Gemeinsam mit seiner damaligen Freundin, deren Mutter und zwei weiteren Personen soll sich der ebenfalls 22-Jährige damals auf den Weg nach Liebenau gemacht haben. „Sie planten es, dem Angeklagten zu zeigen“, heißt es in der Anklageschrift. So soll es die 20-Jährige nach der Tat gegenüber einer Polizistin ausgesagt haben. In dem Prozess hat die 20-Jährige dies bestritten. Diesbezüglich sieht die zuständige Schwurgerichtskammer noch Klärungsbedarf.

Stich neben der Wirbelsäule

Eindeutig in seinen Aussagen war der Rechtsmediziner. Ein Stich habe die Frau im Bereich des Schulterblatts getroffen. Dies habe vermutlich ein Eindringen der Klinge in die Tiefe verhindert. Der andere Stich neben der Wirbelsäule habe zu einem Pneumothorax geführt. Luft und Blut haben sich in der linken Brusthöhle gesammelt.

Im Nienburger Krankenhaus wurde eine Drainage gelegt, berichtete der Rechtsmediziner. „Damit war die Gefährlichkeit im Grunde schon gebannt“, erklärte er. Unbedingt notwendig sei die anschließende Operation in einer Klinik in Hannover gewesen. Der Stich habe um nur zwei Zentimeter eine große Schlagader verfehlt.

Angesehen hatte sich der Rechtsmediziner damals auch die Verletzungen des Angeklagten. Zu einem Schlag mit einer Eisenstange passe die festgestellte Verletzung am Hinterkopf. Die Kopfschwarte sei durchtrennt gewesen. „Man muss von einer erheblichen Krafteinwirkung ausgehen“, erklärte der Sachverständige.

„Kopf mehrfach seitlich auf den Boden geschlagen“

Der Angeklagte habe ihm von Schlägen berichtet, die er mit dem Arm abgewehrt habe. Außerdem sei er am Kragen gepackt worden. Dazu hätten die geschilderten Schmerzen und sichtbare Rötungen an Arm und Hals gepasst.

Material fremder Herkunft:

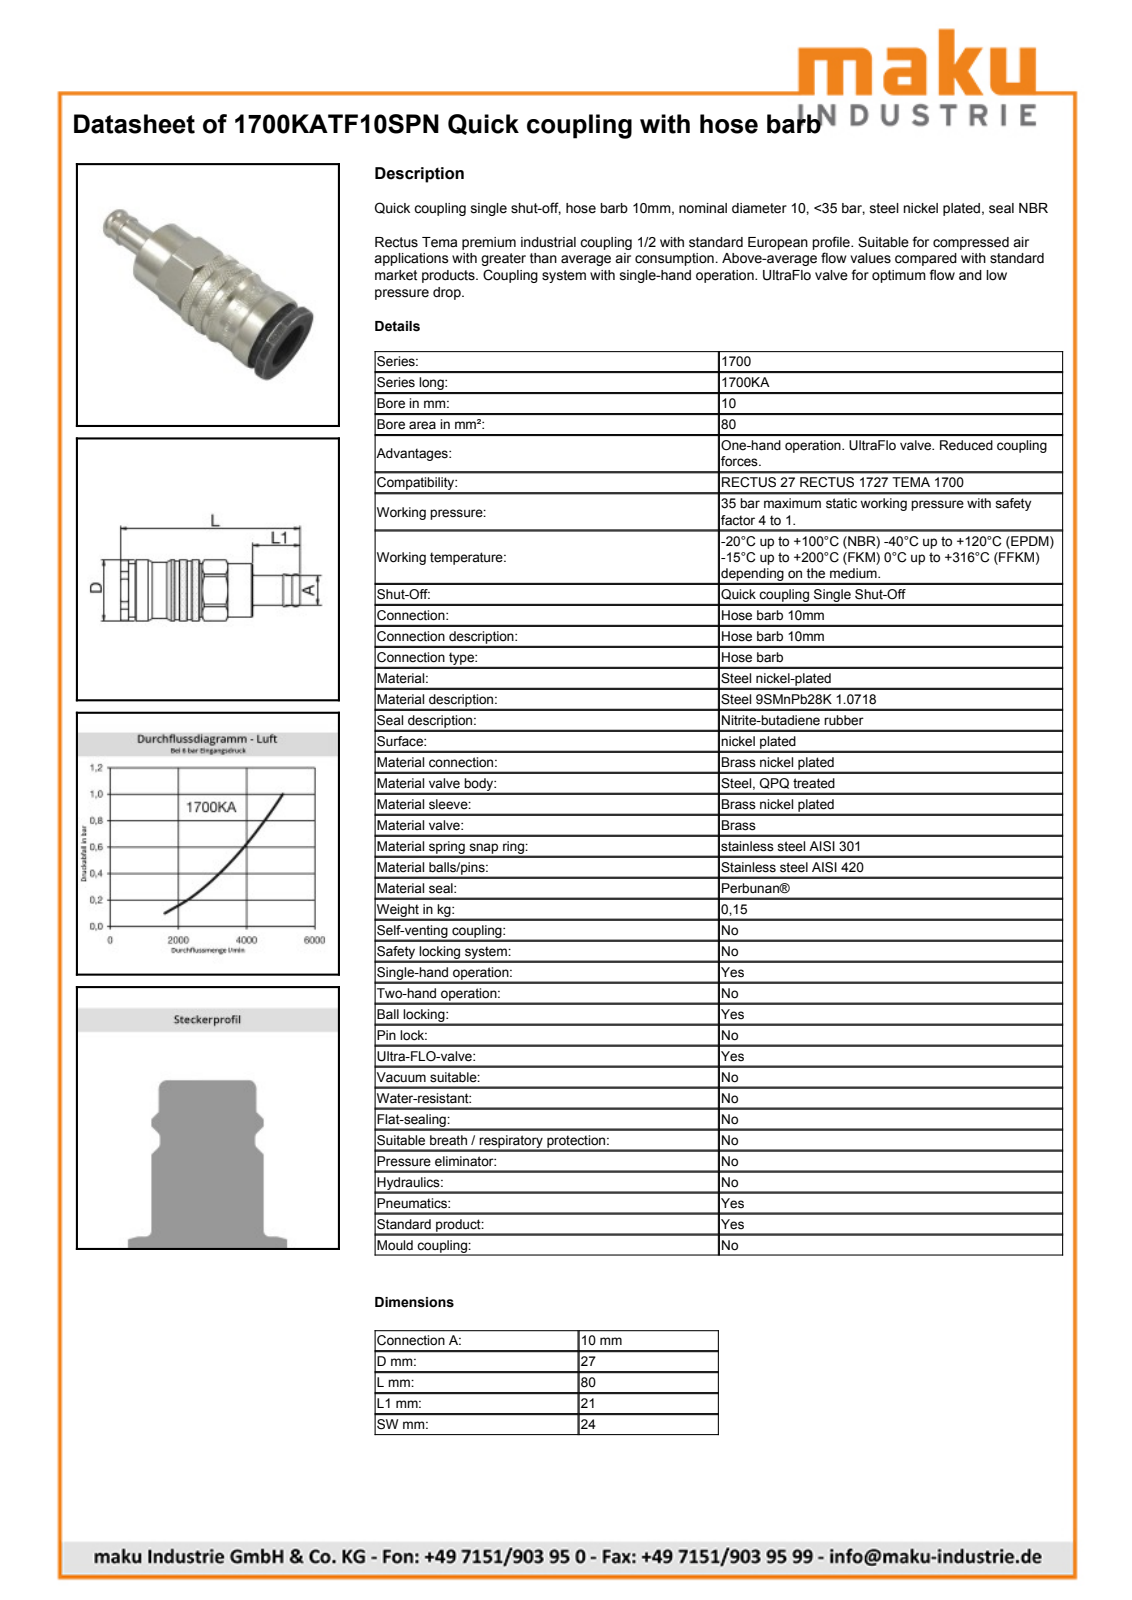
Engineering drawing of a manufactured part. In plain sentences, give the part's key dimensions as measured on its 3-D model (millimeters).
The part is named "D103703". Its 3-D file was written by "Autodesk Inventor 2011 (AUTOMOTIVE_DESIGN)". It is 2 solids with 664 faces: 196 planar, 93 cylindrical and 375 other. Overall it measures 79.64 by 27.05 by 26.8 millimeters. Its volume is 29 915 cubic millimeters and its surface area 12 230 square millimeters. Round holes: 1 of diameter 20.15, 1 of diameter 21.2, 1 of diameter 21.4, 1 of diameter 22.5, 1 of diameter 23.8, 1 of diameter 24. Round bosses or shafts: 1 of diameter 26.8, 1 of diameter 26, 1 of diameter 25, 1 of diameter 23.7, 1 of diameter 21.3, 1 of diameter 21, 1 of diameter 20.97, 1 of diameter 19.99. Partial cylindrical surfaces (rounded edges, fillets, slot ends): 1 of radius 12.4, 1 of radius 13.5, 1 of radius 13.53. The main face-to-face distances are 24, 58.64, 1, 25, 30.64, 28, 6.55, 24.09, 52.09, 79.64.
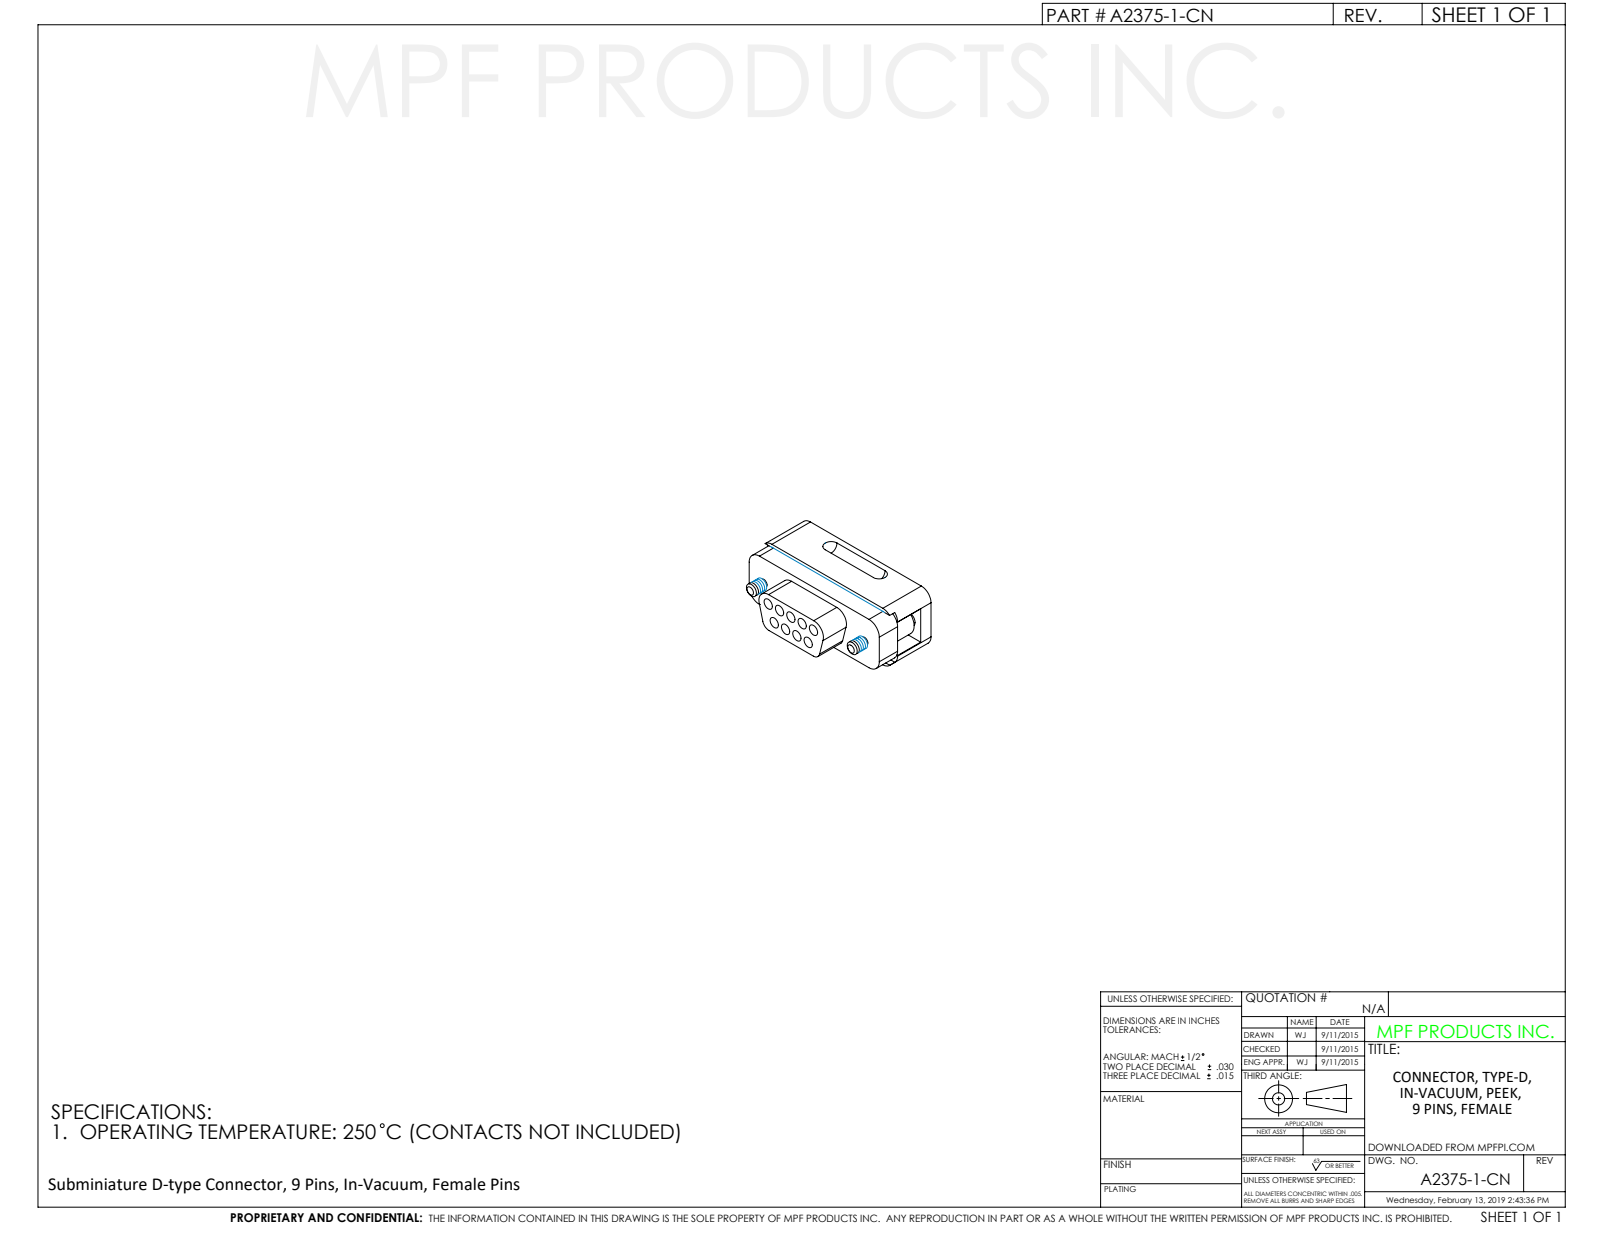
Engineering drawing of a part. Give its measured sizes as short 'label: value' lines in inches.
name: A2375-1-CN
written by: SolidWorks 2012 (CONFIG_CONTROL_DESIGN)
unit: in
bodies: 0 solids, 118 faces (35 planar, 47 cylindrical, 36 other)
size: 1.265 × 0.727 × 0.475
holes: 9× ⌀0.08, 2× ⌀0.11
bosses: 2× ⌀0.063
rounds: 6× R0.094, 4× R0.1, 2× R0.057, 2× R0.063, 2× R0.113
face distances: 0.475, 0.503, 0.036, 0.443, 0.407, 0.439, 0.032, 0.375, 0.727, 0.224
hole spacings: 0.11, 0.138, 0.22, 0.11, 0.141, 0.206, 0.211, 0.33
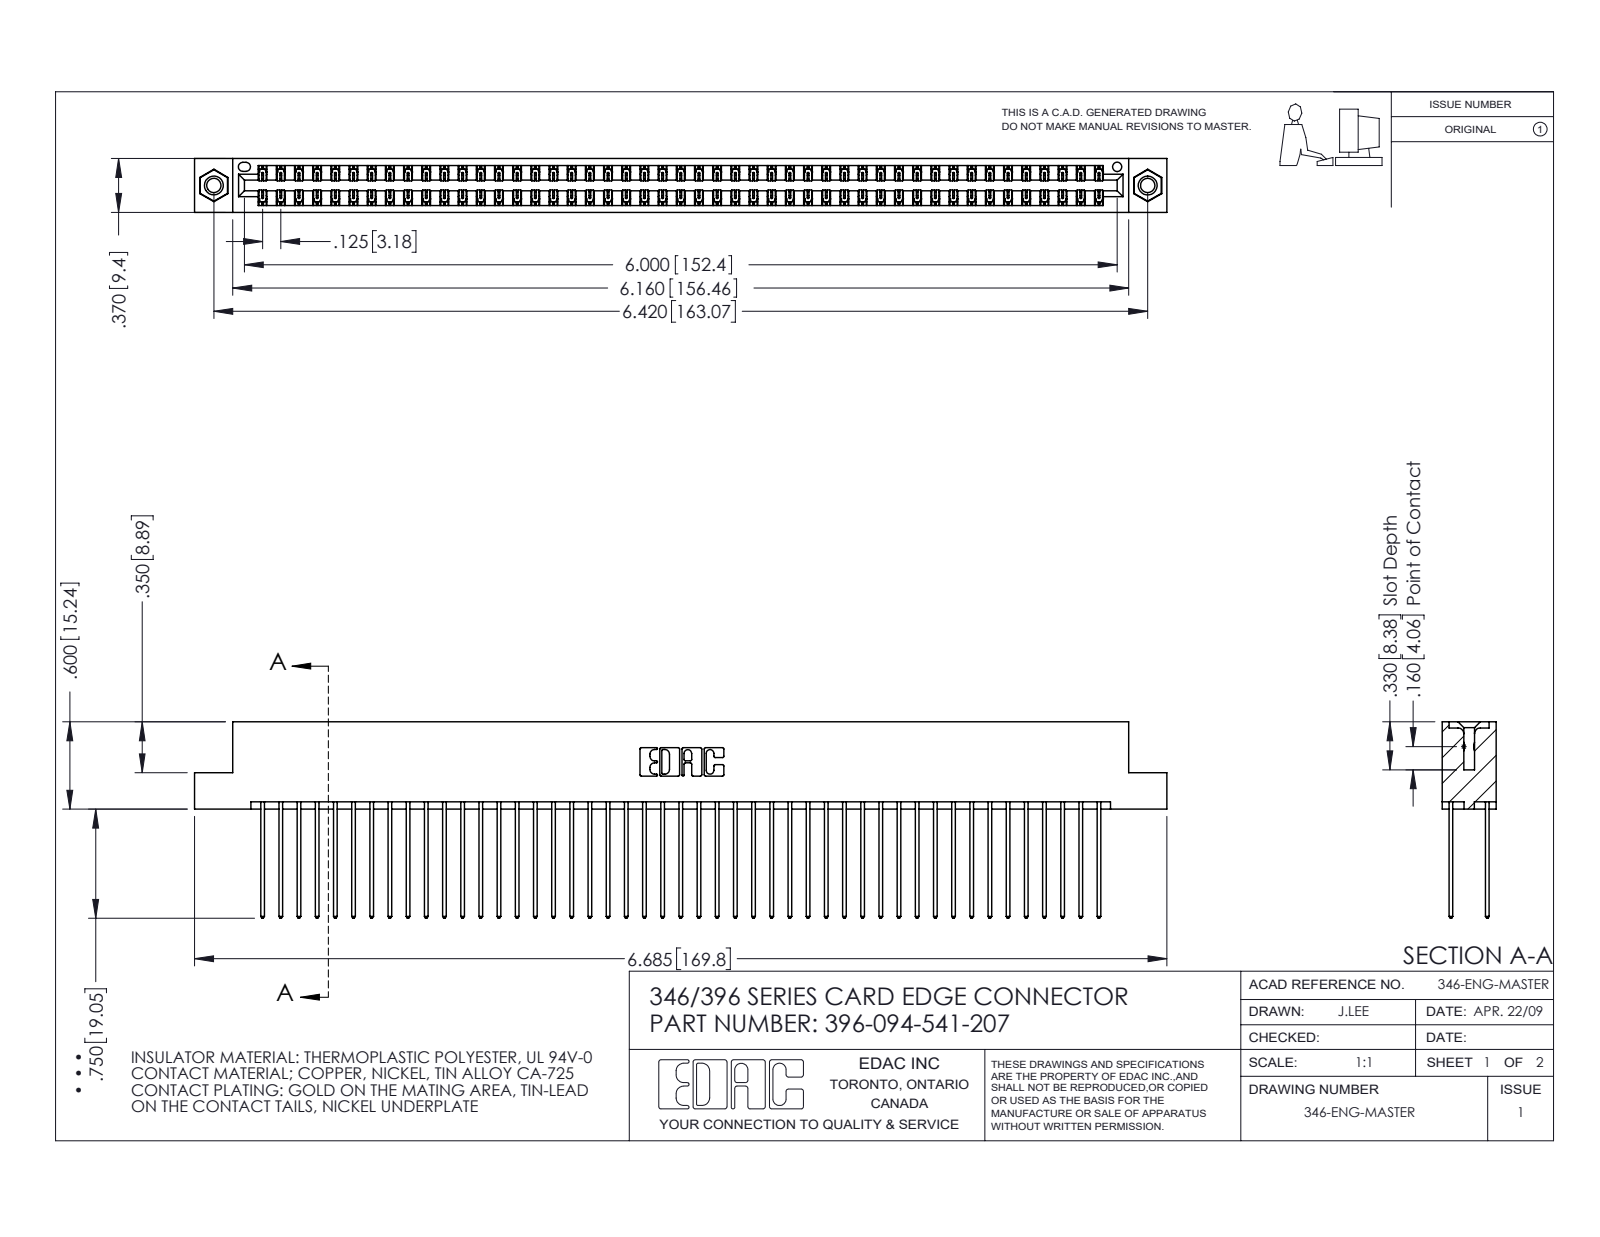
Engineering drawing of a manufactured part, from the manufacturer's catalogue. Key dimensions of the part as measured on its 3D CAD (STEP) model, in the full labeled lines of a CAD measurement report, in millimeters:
Part name (STEP PRODUCT): 396-094-541-207; 346 Part_Flush Mounting Lugs - 0.156 Dia-TI; 345-292-001_345-293-141; 345-250-001_345-250-005-103
STEP written by: SolidWorks 2016 (CONFIG_CONTROL_DESIGN)
Units: millimetres
Bodies: 97 solids, 5070 faces (3398 planar, 1656 cylindrical, 16 other)
Overall size (bounding box): 169.8 × 34.3 × 9.4
Volume: 17 120 mm³ · Surface area: 26 230 mm²
Round holes (diameter × count): ⌀2.5 ×2, ⌀3.2 ×2, ⌀4 ×2, ⌀1.6 ×1
Round bosses / shafts (diameter × count): ⌀3.9 ×2
Partial cylindrical surfaces — rounded edges, fillets, slot ends (radius × count): R0.2 ×141, R0.3 ×94, R0.3 ×22, R0.2 ×6, R0.8 ×6, R0.7 ×3, R0.4 ×2, R0.6 ×2
Main face-to-face distances: 1.2, 8.2, 6.4, 1.8, 7.6, 0.6, 9.4, 7, 5.7, 3.8
Hole centre spacings: 6.2, 157.8, 163.1

Zu beurteilen hat die Schwurgerichtskammer auch die Schuldfähigkeit des Angeklagten. Nach der Tat war er von Polizeibeamten am Boden fixiert worden. Der 22-Jährige habe „geschrien und seinen Kopf mehrfach seitlich auf den Boden geschlagen“, schilderte ein Polizeibeamter. „Man hat das Knirschen der Knochen gehört. Er wirkte völlig wie von Sinnen.“

Durch Zureden habe er den Angeklagten beruhigen können, berichtete der Beamte. „Wir kannten uns aus früheren Einsätzen in Steyerberg. Es war alles ähnlich gelagert.“ Immer in Verbindung mit der Ex-Freundin und immer sei die Stimmung „sehr erhitzt“ gewesen.

Der Prozess wird entgegen der Planung bereits am Mittwoch, 8. Dezember, um 9 Uhr fortgesetzt.